- Listed entries:
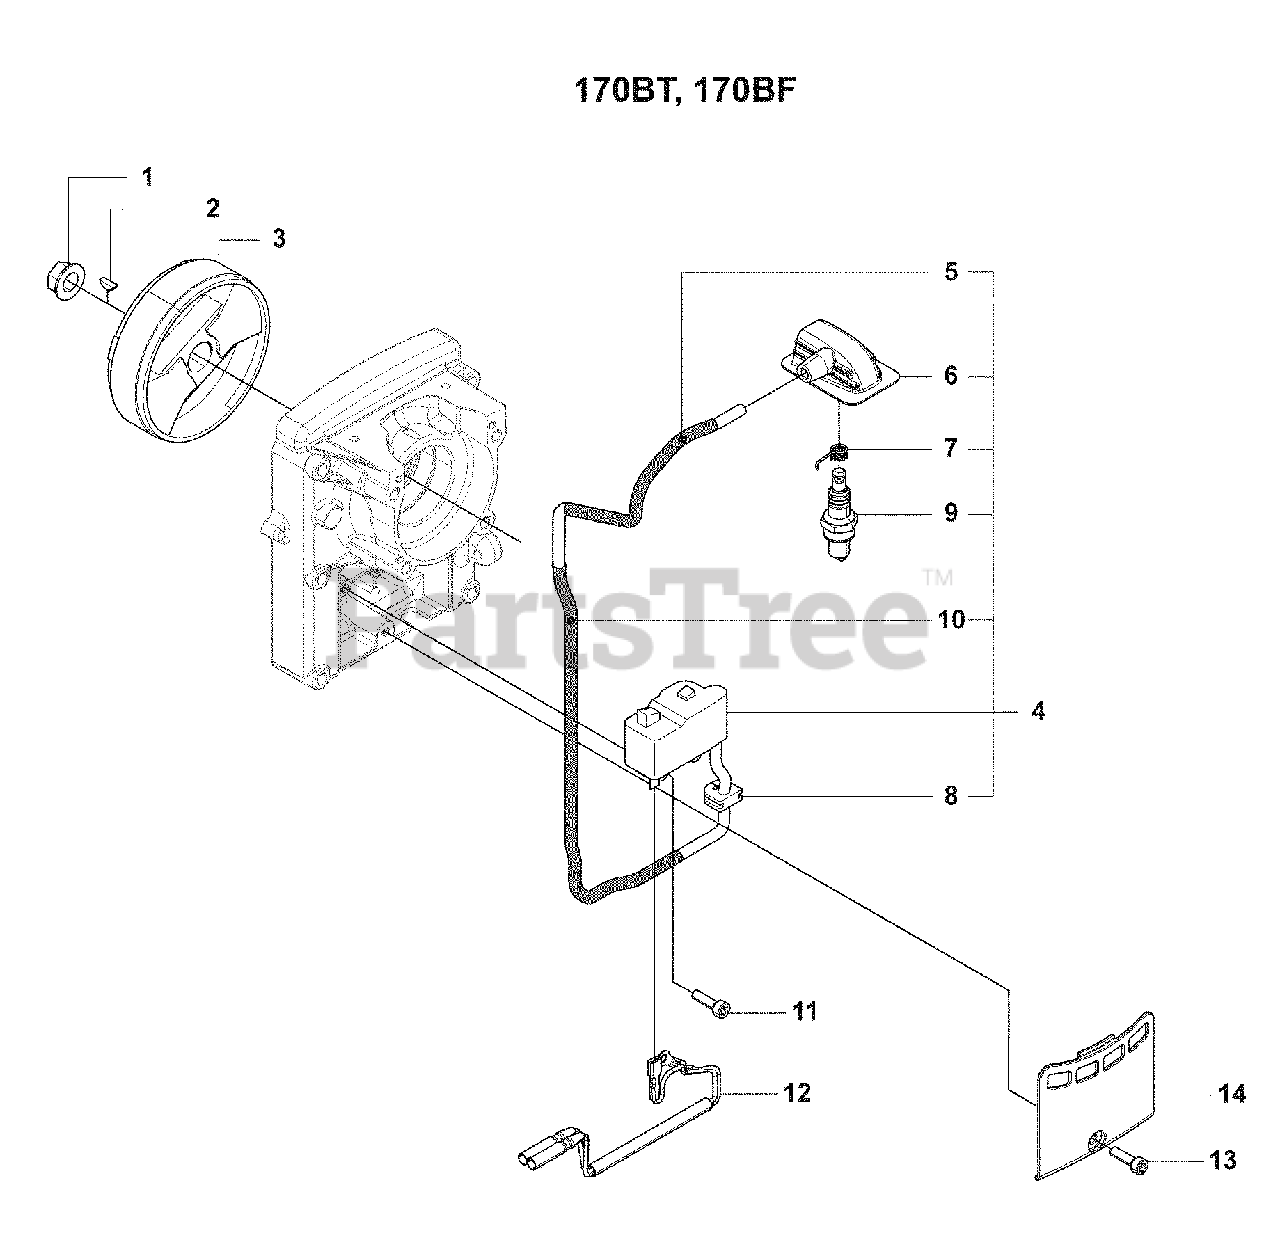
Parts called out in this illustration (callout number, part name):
1	Nut
2	Flywheel Key
4	Ignition Coil
6	Cap
7	Plug Spring
9	Spark Plug, CMR7H BLYB
11	Torx Bolt, M4 X L16
12	Cord, Complete
13	Torx Bolt, M4 X L16
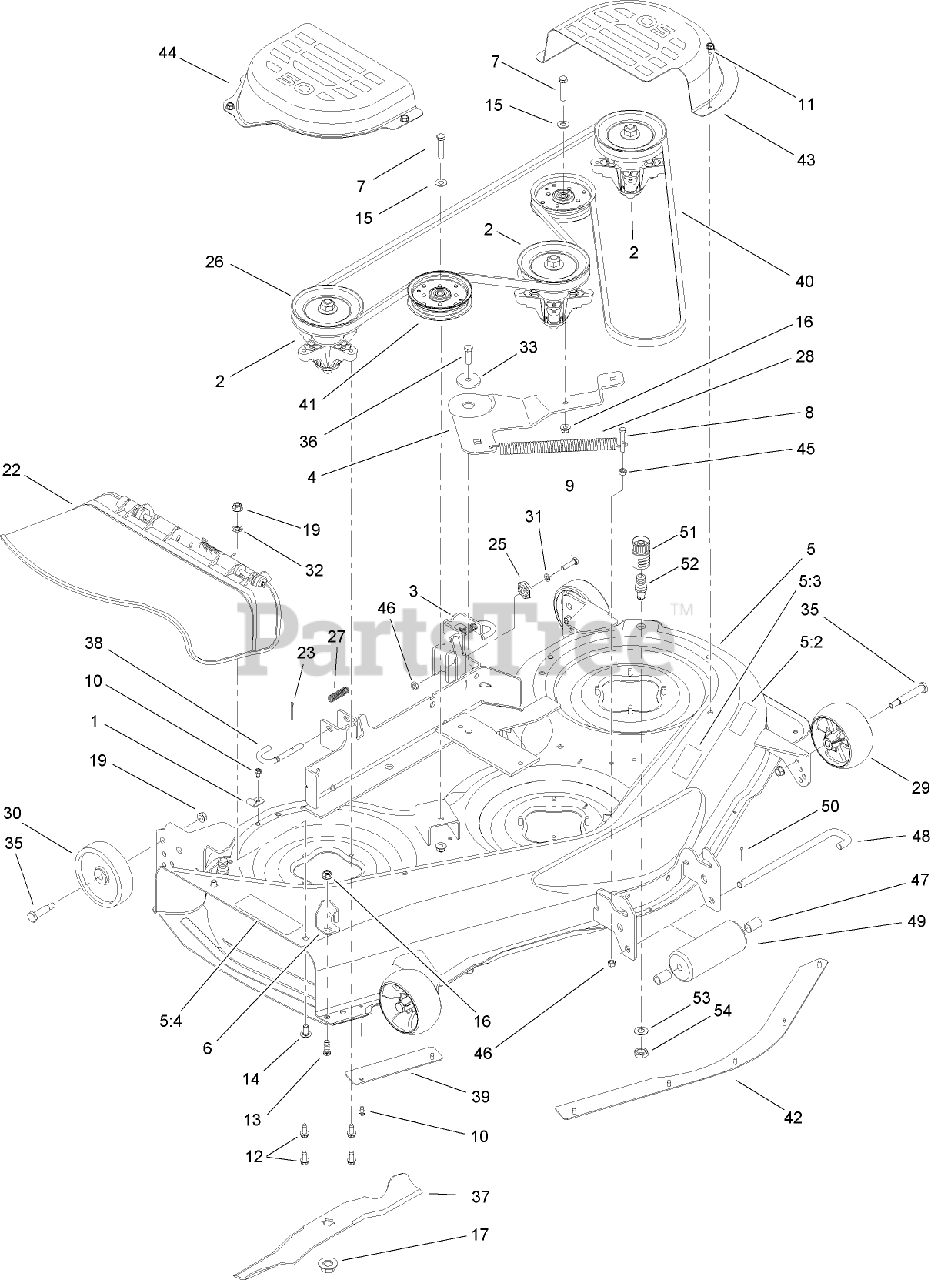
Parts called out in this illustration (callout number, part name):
1	BRACKET-RETAIN, HOOK
3	LH HANGER BRACKET ASM
4	WASHER-BELL
5	DECK AND DECAL ASM
5:3	DECAL-BELT ROUTING, DECK
5:4	DECAL-DANGER
6	STOP-CHUTE
7	SCREW-HH
8	SCREW-HH
9	SCREW-HH
10	SCREW-HWHTF
11	SCREW-HH, TAP
12	SCREW-HWH
13	SCREW-HH
14	BOLT-CARR
15	WASHER-FLAT
16	NUT-LOCK, FLANGE
17	NUT-LOCK, FLANGE
19	NUT-LOCK, FLANGE
22	CHUTE ASM
23	PIN-COTTER
25	GEAR-ADJUSTMENT, DECK
26	PULLEY-DECK
27	SPRING-COMPRESSION
28	SPRING-EXTENSION
29	WHEEL-DECK, FRONT
30	WHEEL-DECK, REAR
31	WASHER-LOCK
32	RETAINER-BOLT
33	SPACER-SHOULDER
35	BOLT-SHOULDER
36	SCREW-HH
37	BLADE-17.90 INCH
38	PIN-HANDLE, DECK RELEASE
39	SKIRT-RH
40	BELT-V, TYPE B
41	PULLEY-IDLER
42	SKIRT-CENTER
43	COVER-BELT, LH
44	COVER-BELT, RH
45	NUT-HEX
46	NUT-LOCK, FLANGE
47	SPACER
50	PIN-COTTER
51	ADAPTER-NOZZLE, WATER
52	NOZZLE-WATER, DECK
53	WASHER-LOCK
54	NUT-HEX

- The problem: Set the records down again word for word; the pictures stay out.

- Task output:
Parts called out in this illustration (callout number, part name):
1	Nut
2	Flywheel Key
4	Ignition Coil
6	Cap
7	Plug Spring
9	Spark Plug, CMR7H BLYB
11	Torx Bolt, M4 X L16
12	Cord, Complete
13	Torx Bolt, M4 X L16
Parts called out in this illustration (callout number, part name):
1	BRACKET-RETAIN, HOOK
3	LH HANGER BRACKET ASM
4	WASHER-BELL
5	DECK AND DECAL ASM
5:3	DECAL-BELT ROUTING, DECK
5:4	DECAL-DANGER
6	STOP-CHUTE
7	SCREW-HH
8	SCREW-HH
9	SCREW-HH
10	SCREW-HWHTF
11	SCREW-HH, TAP
12	SCREW-HWH
13	SCREW-HH
14	BOLT-CARR
15	WASHER-FLAT
16	NUT-LOCK, FLANGE
17	NUT-LOCK, FLANGE
19	NUT-LOCK, FLANGE
22	CHUTE ASM
23	PIN-COTTER
25	GEAR-ADJUSTMENT, DECK
26	PULLEY-DECK
27	SPRING-COMPRESSION
28	SPRING-EXTENSION
29	WHEEL-DECK, FRONT
30	WHEEL-DECK, REAR
31	WASHER-LOCK
32	RETAINER-BOLT
33	SPACER-SHOULDER
35	BOLT-SHOULDER
36	SCREW-HH
37	BLADE-17.90 INCH
38	PIN-HANDLE, DECK RELEASE
39	SKIRT-RH
40	BELT-V, TYPE B
41	PULLEY-IDLER
42	SKIRT-CENTER
43	COVER-BELT, LH
44	COVER-BELT, RH
45	NUT-HEX
46	NUT-LOCK, FLANGE
47	SPACER
50	PIN-COTTER
51	ADAPTER-NOZZLE, WATER
52	NOZZLE-WATER, DECK
53	WASHER-LOCK
54	NUT-HEX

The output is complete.